3. The method of claim 1, wherein the symmetric adaptive network of step (2) comprises a shared encoder (E), two domain-specific decoders (U)_s，U_t) And a pixel-level classifier (C); the shared encoder and the two domain-specific decoders form two symmetrical conversion sub-networks for converting the image from the source domain to the target domain and vice versa, respectively; the shared encoder and pixel-level classifier in turn constitute a segmentation subnetwork.

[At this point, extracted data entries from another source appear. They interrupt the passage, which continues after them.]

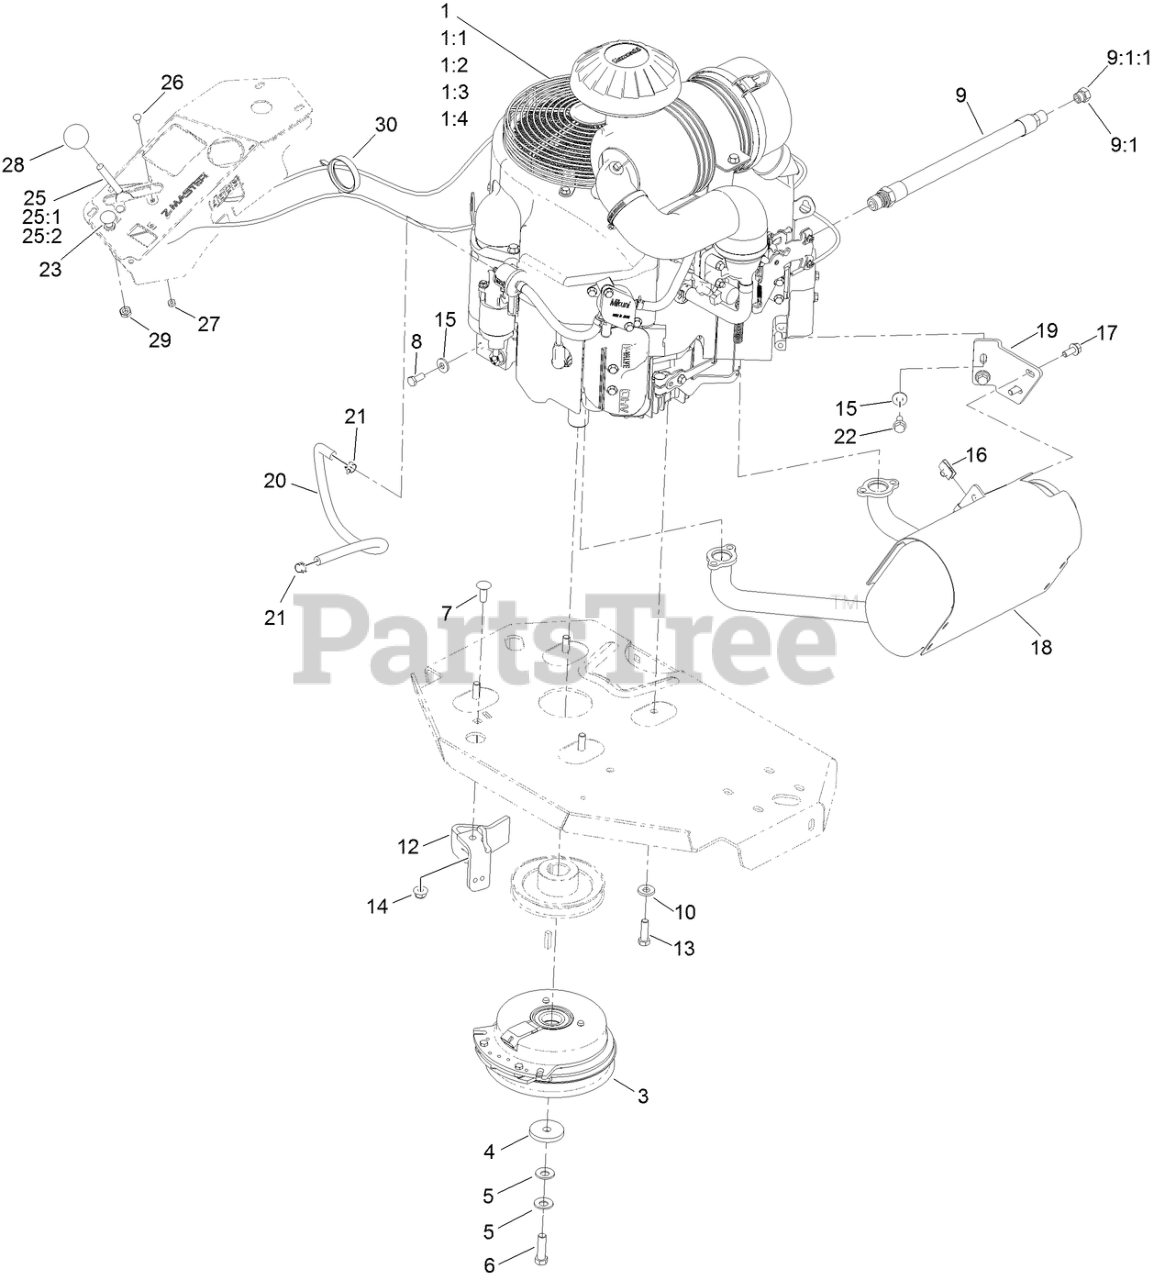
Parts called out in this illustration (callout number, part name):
1:1	KAWASAKI 49065-2078 ENGINE OIL FILTER
1:2	KAWASAKI 49019-0031 FUEL FILTER
1:3	KAWASAKI 11013-7039 SAFETY FILTER
1:4	KAWASAKI 11013-7038 AIR FILTER
3	CLUTCH KIT
4	WASHER-CLUTCH
5	WASHER-SPRING
6	SCREW-HH, W/LOCTITE
7	SCREW-CARR
8	SCREW-HH
9	ENGINE OIL DRAIN HOSE ASM
9:1	PLUG-HH
9:1:1	O-RING
10	WASHER-BELLEVILLE
12	CLUTCH-ANCHOR
13	SCREW-HH
14	NUT-HF, NI
15	WASHER-SPRING
16	NUT-U
17	SCREW-HHF
18	MUFFLER
19	BRACKET-MUFFLER
20	HOSE-FUEL
21	CLAMP-HOSE
22	SCREW-HHF
23	CONTROL-CHOKE
25	THROTTLE CONTROL ASM
25:1	LEVER-THROTTLE
26	BOLT-CARR
27	NUT-LOCK, NI
28	KNOB-BALL
29	NUT-HJ
30	CLAMP-HARNESS
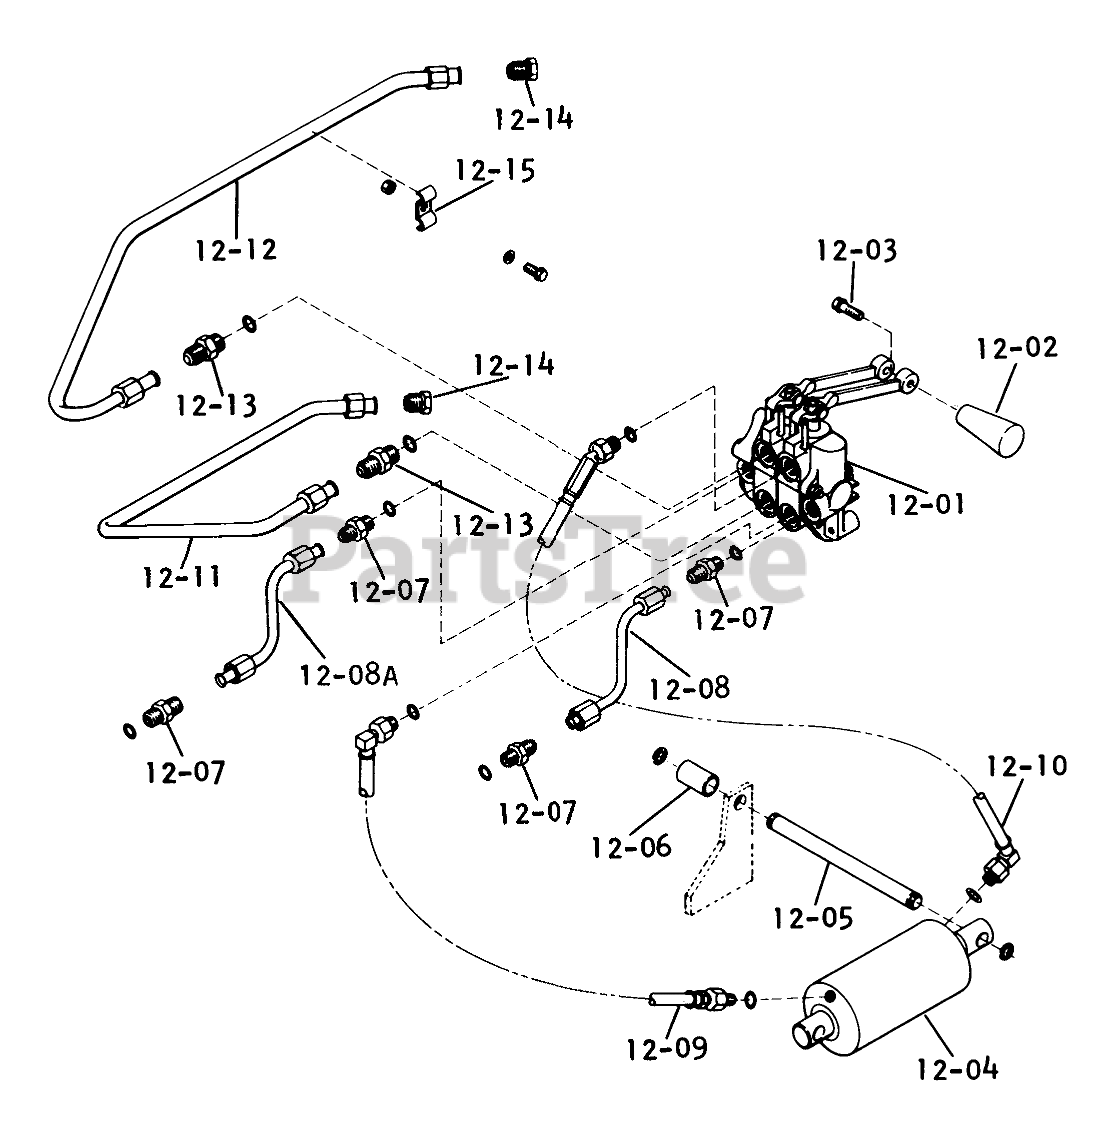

4. The method of claim 3, wherein one encoder is shared between the transformation sub-network and the segmentation sub-network, all cross-domain generation loss is propagated back to the shared encoder, and bidirectional proximity of feature distribution of the source domain and the target domain is constrained, so as to reduce distribution difference between the two domains, and the cross-domain generation loss is:

wherein D is_sAnd D_tRespectively representing distinguished originalsAn image, a source domain discriminator and a target domain discriminator for generating the image;

reconstruction loss of source and target domains:

5. The method for cross-modal medical image segmentation based on the symmetric adaptive network according to claim 1, wherein the step (2) of mining rich semantic information by using images of different styles is implemented as follows:

wherein, y^sA sample label representing a source domain image; c_iRepresenting pixel-level classifiers applied to different hierarchical feature maps;

wherein D is_piAnd a discriminator for discriminating which domain the prediction graph is derived from in order to divide the different levels.

6. The symmetric adaptive network-based cross-modal medical image segmentation method according to claim 1, wherein the step (3) comprises the steps of:

(35) and outputting a final segmentation result, adjusting the hyper-parameters according to the result, and optimizing a model training result.